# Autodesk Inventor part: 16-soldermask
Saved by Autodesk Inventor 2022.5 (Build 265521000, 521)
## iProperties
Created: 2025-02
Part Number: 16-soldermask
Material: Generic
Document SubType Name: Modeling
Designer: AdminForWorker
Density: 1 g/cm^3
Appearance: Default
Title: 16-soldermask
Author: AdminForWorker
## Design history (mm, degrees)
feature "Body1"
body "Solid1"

################

**What you should do:**
You are asked to transcribe all of the data above exactly.

**Result:**
# Autodesk Inventor part: 16-soldermask
Saved by Autodesk Inventor 2022.5 (Build 265521000, 521)
## iProperties
Created: 2025-02
Part Number: 16-soldermask
Material: Generic
Document SubType Name: Modeling
Designer: AdminForWorker
Density: 1 g/cm^3
Appearance: Default
Title: 16-soldermask
Author: AdminForWorker
## Design history (mm, degrees)
feature "Body1"
body "Solid1"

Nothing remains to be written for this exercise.